[Data supplied Boundary: Start]
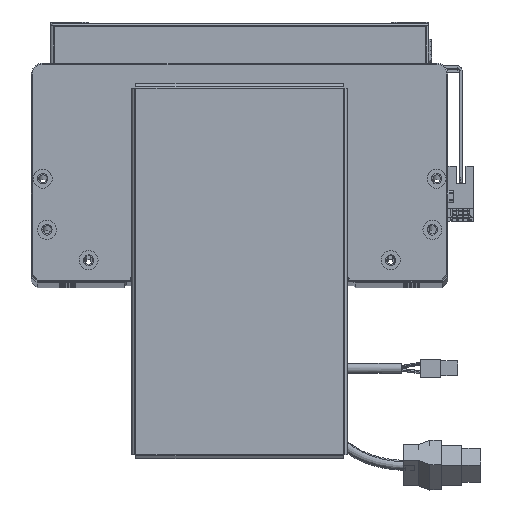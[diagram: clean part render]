
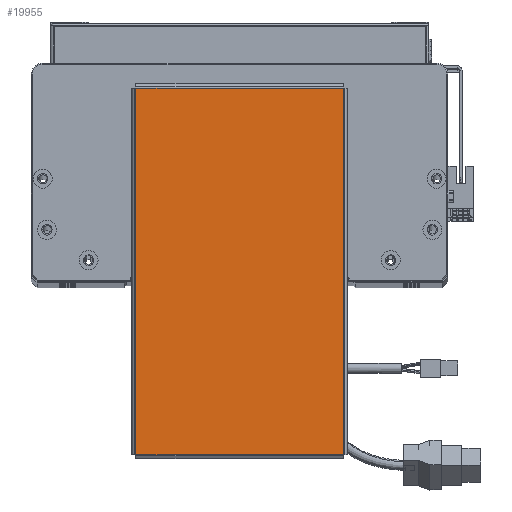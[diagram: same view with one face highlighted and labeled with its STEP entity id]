
A CAD part, top view. The second image highlights one B-rep face of the part: STEP entity #19955.
In plain terms, the highlighted planar face has unit normal (0, 0, 1).
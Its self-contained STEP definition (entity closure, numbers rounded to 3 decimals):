
#47 = DIRECTION ( 'NONE',  ( 0., 1., 0. ) ) ;
#242 = VECTOR ( 'NONE', #37688, 1000. ) ;
#989 = VERTEX_POINT ( 'NONE', #63259 ) ;
#2521 = CARTESIAN_POINT ( 'NONE',  ( -96.763, 54.793, 0. ) ) ;
#4765 = EDGE_CURVE ( 'NONE', #15462, #989, #58908, .T. ) ;
#10788 = PLANE ( 'NONE',  #59952 ) ;
#12085 = VECTOR ( 'NONE', #47, 1000. ) ;
#12828 = EDGE_LOOP ( 'NONE', ( #26126, #36733, #35635, #47434 ) ) ;
#15462 = VERTEX_POINT ( 'NONE', #39799 ) ;
#15655 = VECTOR ( 'NONE', #35342, 1000. ) ;
#16779 = DIRECTION ( 'NONE',  ( 0., 0., 1. ) ) ;
#17618 = LINE ( 'NONE', #2521, #242 ) ;
#18171 = CARTESIAN_POINT ( 'NONE',  ( 96.763, 54.763, 0. ) ) ;
#19955 = ADVANCED_FACE ( 'NONE', ( #61607 ), #10788, .T. ) ;
#21506 = CARTESIAN_POINT ( 'NONE',  ( 96.763, -54.793, 0. ) ) ;
#26126 = ORIENTED_EDGE ( 'NONE', *, *, #4765, .T. ) ;
#29729 = EDGE_CURVE ( 'NONE', #53416, #15462, #17618, .T. ) ;
#31252 = DIRECTION ( 'NONE',  ( 1., 0., 0. ) ) ;
#35342 = DIRECTION ( 'NONE',  ( -1., 0., 0. ) ) ;
#35635 = ORIENTED_EDGE ( 'NONE', *, *, #46400, .T. ) ;
#36733 = ORIENTED_EDGE ( 'NONE', *, *, #67365, .T. ) ;
#37042 = LINE ( 'NONE', #56806, #15655 ) ;
#37688 = DIRECTION ( 'NONE',  ( 0., -1., 0. ) ) ;
#39799 = CARTESIAN_POINT ( 'NONE',  ( -96.763, -54.763, 0. ) ) ;
#42344 = CARTESIAN_POINT ( 'NONE',  ( -96.793, -54.763, 0. ) ) ;
#46400 = EDGE_CURVE ( 'NONE', #64180, #53416, #37042, .T. ) ;
#47434 = ORIENTED_EDGE ( 'NONE', *, *, #29729, .T. ) ;
#48303 = CARTESIAN_POINT ( 'NONE',  ( 0., 0., 0. ) ) ;
#53121 = VECTOR ( 'NONE', #31252, 1000. ) ;
#53416 = VERTEX_POINT ( 'NONE', #62014 ) ;
#53618 = DIRECTION ( 'NONE',  ( 1., 0., 0. ) ) ;
#56806 = CARTESIAN_POINT ( 'NONE',  ( 96.793, 54.763, 0. ) ) ;
#58908 = LINE ( 'NONE', #42344, #53121 ) ;
#59895 = LINE ( 'NONE', #21506, #12085 ) ;
#59952 = AXIS2_PLACEMENT_3D ( 'NONE', #48303, #16779, #53618 ) ;
#61607 = FACE_OUTER_BOUND ( 'NONE', #12828, .T. ) ;
#62014 = CARTESIAN_POINT ( 'NONE',  ( -96.763, 54.763, 0. ) ) ;
#63259 = CARTESIAN_POINT ( 'NONE',  ( 96.763, -54.763, 0. ) ) ;
#64180 = VERTEX_POINT ( 'NONE', #18171 ) ;
#67365 = EDGE_CURVE ( 'NONE', #989, #64180, #59895, .T. ) ;
[Data supplied Boundary: End]
The line with "#61607 = FACE_OUTER_BOUND" marks where to start. Transcribe from there through the final line of the records, exactly and with nothing added.

#61607 = FACE_OUTER_BOUND ( 'NONE', #12828, .T. ) ;
#62014 = CARTESIAN_POINT ( 'NONE',  ( -96.763, 54.763, 0. ) ) ;
#63259 = CARTESIAN_POINT ( 'NONE',  ( 96.763, -54.763, 0. ) ) ;
#64180 = VERTEX_POINT ( 'NONE', #18171 ) ;
#67365 = EDGE_CURVE ( 'NONE', #989, #64180, #59895, .T. ) ;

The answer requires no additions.